WORK INSTRUCTION —
Return the records exactly, keeping every line as it is.

GIVEN RECORDS —
>>>

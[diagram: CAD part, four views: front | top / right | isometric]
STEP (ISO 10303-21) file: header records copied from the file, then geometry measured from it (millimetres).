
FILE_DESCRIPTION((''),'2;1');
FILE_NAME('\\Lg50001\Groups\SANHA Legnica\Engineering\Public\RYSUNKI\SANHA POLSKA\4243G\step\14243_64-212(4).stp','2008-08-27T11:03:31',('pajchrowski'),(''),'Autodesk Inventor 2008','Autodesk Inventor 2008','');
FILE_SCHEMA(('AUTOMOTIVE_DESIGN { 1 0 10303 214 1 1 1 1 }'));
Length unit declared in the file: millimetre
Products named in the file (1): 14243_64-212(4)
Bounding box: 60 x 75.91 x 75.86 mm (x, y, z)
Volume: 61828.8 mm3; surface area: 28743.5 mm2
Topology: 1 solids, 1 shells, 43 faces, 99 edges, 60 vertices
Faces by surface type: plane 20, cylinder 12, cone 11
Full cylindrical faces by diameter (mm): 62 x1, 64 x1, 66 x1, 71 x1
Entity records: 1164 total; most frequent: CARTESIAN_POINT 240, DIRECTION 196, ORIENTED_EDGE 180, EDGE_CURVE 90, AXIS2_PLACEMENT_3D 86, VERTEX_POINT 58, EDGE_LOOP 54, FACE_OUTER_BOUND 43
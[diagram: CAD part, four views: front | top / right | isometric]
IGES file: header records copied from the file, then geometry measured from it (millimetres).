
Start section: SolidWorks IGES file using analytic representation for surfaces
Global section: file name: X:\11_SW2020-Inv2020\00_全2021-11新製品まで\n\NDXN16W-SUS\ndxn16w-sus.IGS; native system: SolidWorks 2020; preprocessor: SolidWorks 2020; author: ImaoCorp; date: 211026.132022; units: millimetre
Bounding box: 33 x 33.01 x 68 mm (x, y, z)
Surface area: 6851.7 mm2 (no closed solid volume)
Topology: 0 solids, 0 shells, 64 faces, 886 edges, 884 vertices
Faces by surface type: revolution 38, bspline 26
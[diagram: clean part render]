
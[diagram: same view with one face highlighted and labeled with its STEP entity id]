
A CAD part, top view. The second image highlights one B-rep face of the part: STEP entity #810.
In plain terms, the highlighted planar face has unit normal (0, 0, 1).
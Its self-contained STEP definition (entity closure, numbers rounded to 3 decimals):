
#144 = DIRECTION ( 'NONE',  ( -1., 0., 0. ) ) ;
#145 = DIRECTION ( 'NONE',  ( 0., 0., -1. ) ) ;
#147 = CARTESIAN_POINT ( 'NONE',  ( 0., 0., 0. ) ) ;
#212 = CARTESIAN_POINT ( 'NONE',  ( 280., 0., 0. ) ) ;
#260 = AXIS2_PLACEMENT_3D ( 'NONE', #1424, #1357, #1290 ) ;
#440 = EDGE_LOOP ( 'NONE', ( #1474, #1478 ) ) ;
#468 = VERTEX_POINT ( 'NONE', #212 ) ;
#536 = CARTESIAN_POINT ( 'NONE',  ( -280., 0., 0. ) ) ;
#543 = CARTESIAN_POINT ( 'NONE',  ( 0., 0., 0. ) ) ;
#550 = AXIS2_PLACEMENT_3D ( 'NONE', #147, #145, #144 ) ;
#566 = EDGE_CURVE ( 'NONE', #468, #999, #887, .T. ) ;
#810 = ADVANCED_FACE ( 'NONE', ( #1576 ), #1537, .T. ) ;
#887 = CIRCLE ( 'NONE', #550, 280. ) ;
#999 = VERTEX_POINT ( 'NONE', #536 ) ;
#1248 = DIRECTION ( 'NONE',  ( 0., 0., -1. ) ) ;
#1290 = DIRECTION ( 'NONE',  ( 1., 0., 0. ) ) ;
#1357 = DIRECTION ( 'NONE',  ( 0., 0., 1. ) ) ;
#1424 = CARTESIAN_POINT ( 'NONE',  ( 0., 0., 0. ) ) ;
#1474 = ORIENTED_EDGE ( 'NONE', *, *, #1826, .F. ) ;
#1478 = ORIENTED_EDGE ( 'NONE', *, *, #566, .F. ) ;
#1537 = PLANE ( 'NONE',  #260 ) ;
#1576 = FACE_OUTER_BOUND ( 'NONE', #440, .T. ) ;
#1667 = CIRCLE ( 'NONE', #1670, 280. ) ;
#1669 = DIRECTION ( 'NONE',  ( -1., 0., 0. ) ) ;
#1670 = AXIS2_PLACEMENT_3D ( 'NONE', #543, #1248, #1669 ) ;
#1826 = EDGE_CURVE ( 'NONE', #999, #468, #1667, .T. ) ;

<<<

SOLUTION TO THE EXERCISE —
[diagram: CAD part, four views: front | top / right | isometric]
STEP (ISO 10303-21) file: header records copied from the file, then geometry measured from it (millimetres).
FILE_DESCRIPTION((''),'2;1');
FILE_NAME('\\Lg50001\Groups\SANHA Legnica\Engineering\Public\RYSUNKI\SANHA POLSKA\4243G\step\14243_64-212(4).stp','2008-08-27T11:03:31',('pajchrowski'),(''),'Autodesk Inventor 2008','Autodesk Inventor 2008','');
FILE_SCHEMA(('AUTOMOTIVE_DESIGN { 1 0 10303 214 1 1 1 1 }'));
Length unit declared in the file: millimetre
Products named in the file (1): 14243_64-212(4)
Bounding box: 60 x 75.91 x 75.86 mm (x, y, z)
Volume: 61828.8 mm3; surface area: 28743.5 mm2
Topology: 1 solids, 1 shells, 43 faces, 99 edges, 60 vertices
Faces by surface type: plane 20, cylinder 12, cone 11
Full cylindrical faces by diameter (mm): 62 x1, 64 x1, 66 x1, 71 x1
Entity records: 1164 total; most frequent: CARTESIAN_POINT 240, DIRECTION 196, ORIENTED_EDGE 180, EDGE_CURVE 90, AXIS2_PLACEMENT_3D 86, VERTEX_POINT 58, EDGE_LOOP 54, FACE_OUTER_BOUND 43
[diagram: CAD part, four views: front | top / right | isometric]
IGES file: header records copied from the file, then geometry measured from it (millimetres).
Start section: SolidWorks IGES file using analytic representation for surfaces
Global section: file name: X:\11_SW2020-Inv2020\00_全2021-11新製品まで\n\NDXN16W-SUS\ndxn16w-sus.IGS; native system: SolidWorks 2020; preprocessor: SolidWorks 2020; author: ImaoCorp; date: 211026.132022; units: millimetre
Bounding box: 33 x 33.01 x 68 mm (x, y, z)
Surface area: 6851.7 mm2 (no closed solid volume)
Topology: 0 solids, 0 shells, 64 faces, 886 edges, 884 vertices
Faces by surface type: revolution 38, bspline 26
[diagram: clean part render]
[diagram: same view with one face highlighted and labeled with its STEP entity id]
A CAD part, top view. The second image highlights one B-rep face of the part: STEP entity #810.
In plain terms, the highlighted planar face has unit normal (0, 0, 1).
Its self-contained STEP definition (entity closure, numbers rounded to 3 decimals):
#144 = DIRECTION ( 'NONE',  ( -1., 0., 0. ) ) ;
#145 = DIRECTION ( 'NONE',  ( 0., 0., -1. ) ) ;
#147 = CARTESIAN_POINT ( 'NONE',  ( 0., 0., 0. ) ) ;
#212 = CARTESIAN_POINT ( 'NONE',  ( 280., 0., 0. ) ) ;
#260 = AXIS2_PLACEMENT_3D ( 'NONE', #1424, #1357, #1290 ) ;
#440 = EDGE_LOOP ( 'NONE', ( #1474, #1478 ) ) ;
#468 = VERTEX_POINT ( 'NONE', #212 ) ;
#536 = CARTESIAN_POINT ( 'NONE',  ( -280., 0., 0. ) ) ;
#543 = CARTESIAN_POINT ( 'NONE',  ( 0., 0., 0. ) ) ;
#550 = AXIS2_PLACEMENT_3D ( 'NONE', #147, #145, #144 ) ;
#566 = EDGE_CURVE ( 'NONE', #468, #999, #887, .T. ) ;
#810 = ADVANCED_FACE ( 'NONE', ( #1576 ), #1537, .T. ) ;
#887 = CIRCLE ( 'NONE', #550, 280. ) ;
#999 = VERTEX_POINT ( 'NONE', #536 ) ;
#1248 = DIRECTION ( 'NONE',  ( 0., 0., -1. ) ) ;
#1290 = DIRECTION ( 'NONE',  ( 1., 0., 0. ) ) ;
#1357 = DIRECTION ( 'NONE',  ( 0., 0., 1. ) ) ;
#1424 = CARTESIAN_POINT ( 'NONE',  ( 0., 0., 0. ) ) ;
#1474 = ORIENTED_EDGE ( 'NONE', *, *, #1826, .F. ) ;
#1478 = ORIENTED_EDGE ( 'NONE', *, *, #566, .F. ) ;
#1537 = PLANE ( 'NONE',  #260 ) ;
#1576 = FACE_OUTER_BOUND ( 'NONE', #440, .T. ) ;
#1667 = CIRCLE ( 'NONE', #1670, 280. ) ;
#1669 = DIRECTION ( 'NONE',  ( -1., 0., 0. ) ) ;
#1670 = AXIS2_PLACEMENT_3D ( 'NONE', #543, #1248, #1669 ) ;
#1826 = EDGE_CURVE ( 'NONE', #999, #468, #1667, .T. ) ;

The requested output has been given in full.